Hallucigenia is an extinct marine genus that inhabited the Earth approximately 500 million years ago. Its shape was similar to that of a small worm, but with 14 spines arranged in pairs on its back. In the belly it had seven pairs of tentacles that it used to move.
The vast majority of the fossil records of this animal come from a paleontological site located in Canada, the Burgess Shela. Although its discovery occurred at the beginning of the 20th century, some subsequent investigations were those that managed to elucidate certain unknowns about the enigmatic structures of its body.
Given the very particular characteristics of its body, initially there were proposals that suggested that it was a unique taxon that was already extinct, so it had no relationship with modern animals.
After this, some organs were identified that were tentatively related to the species of the phylum Lobopodia, which led to Hallucigenia being located within that taxonomic group.
Recently a team of specialists discovered a relevant link between Hallucigenia and modern worms, belonging to the superphylum Ecdysozoa.
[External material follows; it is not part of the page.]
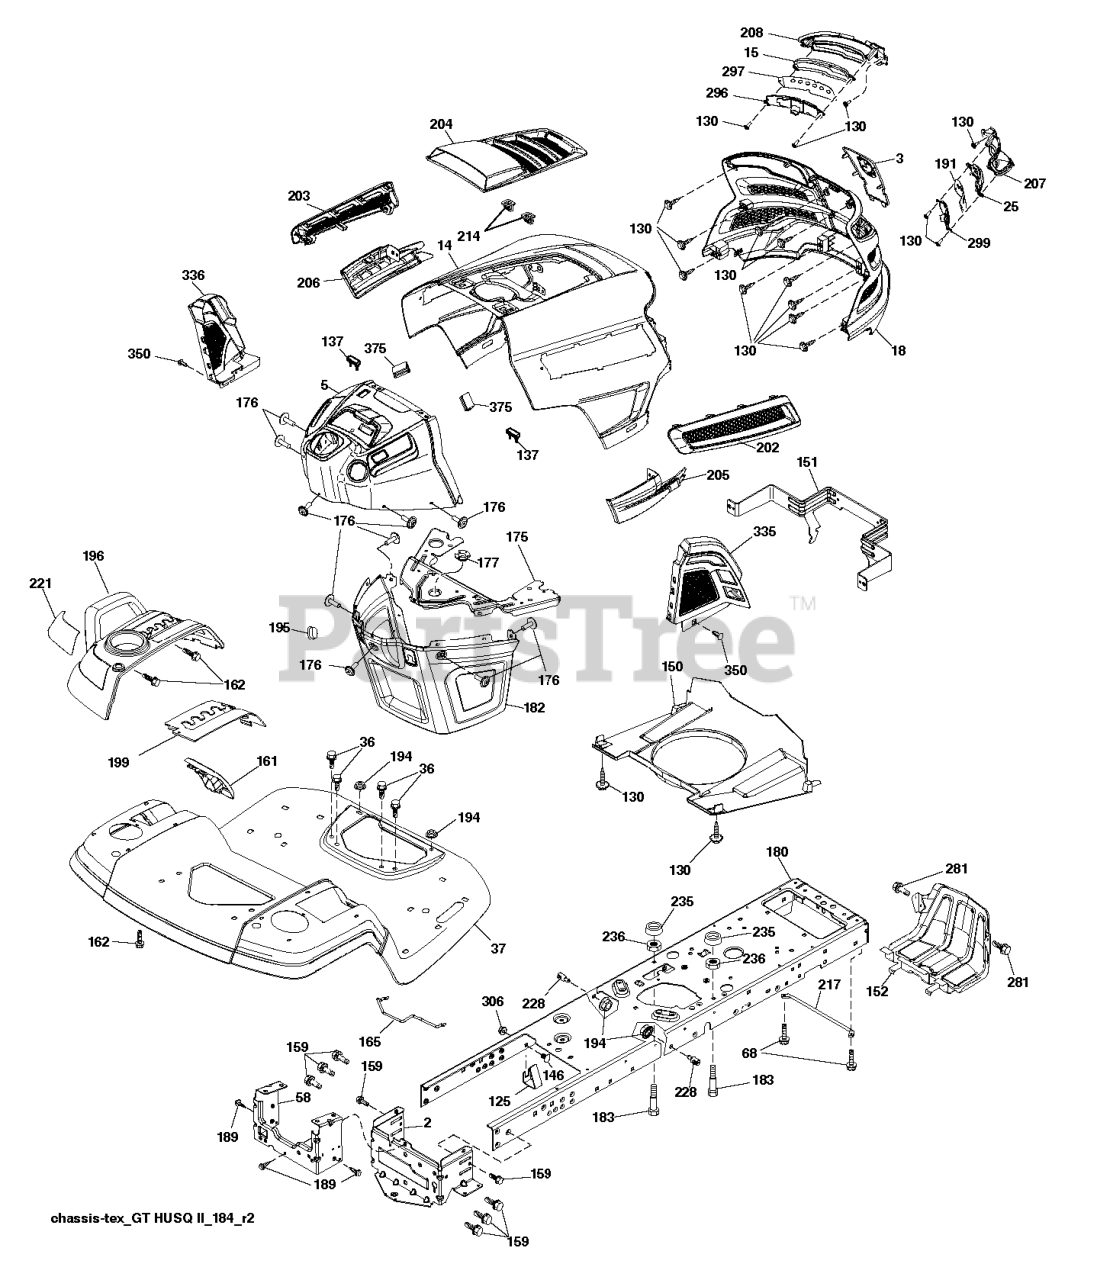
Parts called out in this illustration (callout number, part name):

Both species share morphological structures (such as small claws), which suggests that these could be an evolutionary trace that hints at the origin of the Ecdysozoa group.
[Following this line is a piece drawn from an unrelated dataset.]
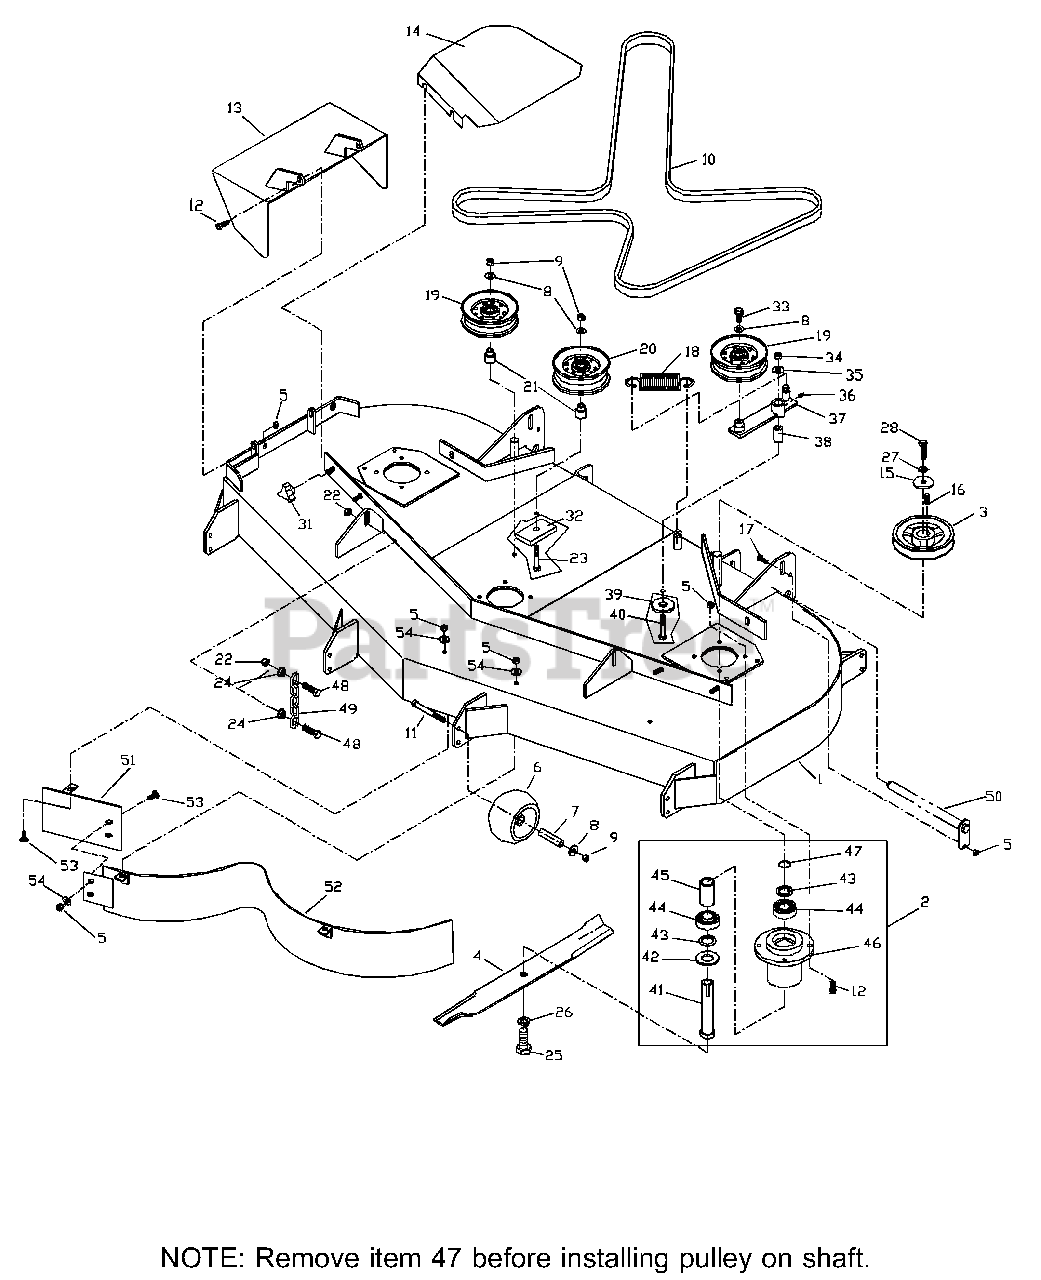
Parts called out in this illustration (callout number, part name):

In the early 1900s the scientist Walcott found a fossil record in the Burgess Shale, in the Canadian mountains. It was about 30 millimeters long; He described it as a spiny worm and named it Canadia sparsa .
Later, in 1977, the paleontologist Conway-Morris reviewed this fossil again. He characterized it with seven pairs of spines, located on a body that had tubules on its back.
At one end, he observed a spot, which he identified as the animal’s head. The scientist changed the name of the species, calling it Hallucigenia.
This model was maintained until 1991, when a group of researchers discovered an error in the description made by Conway-Morris, since he had observed the fossil upside down. The spines were not on the belly but on the back of the animal and the tubes were actually the legs.
In 1992 the researcher Ramskold proposed the idea that the stain at one end could be some fluid product of the decomposition of the animal’s body.
It was not until 2014 when the animal’s head could be identified thanks to the use of the electron microscope. The eyes and a plate with the mouthparts stood out.
Hallucigenia was a tubular organism that was between 10 and 35 millimeters long. It had a small, elongated head with two eyes and an opening surrounded by radial teeth. In addition to these dental structures in his mouth, he also had pharyngeal teeth.
The head was located at a rounded end of the animal and extended towards the legs. The researchers suggest that this position made it easier for them to reach the food in the substrate where they were located.
On its back there are 14 rigid spines and the belly has 7 pairs of soft tentacles ending in a kind of strong nails. The caudal end ends in an open tube slightly curved downwards; there are three small pairs of tentacles.
There are different hypotheses related to the type of food that formed the diet of this animal. Some think that it fed on animal carrion; This is based on the fact that several Hallucigenia fossils were found together with the remains of larger animals.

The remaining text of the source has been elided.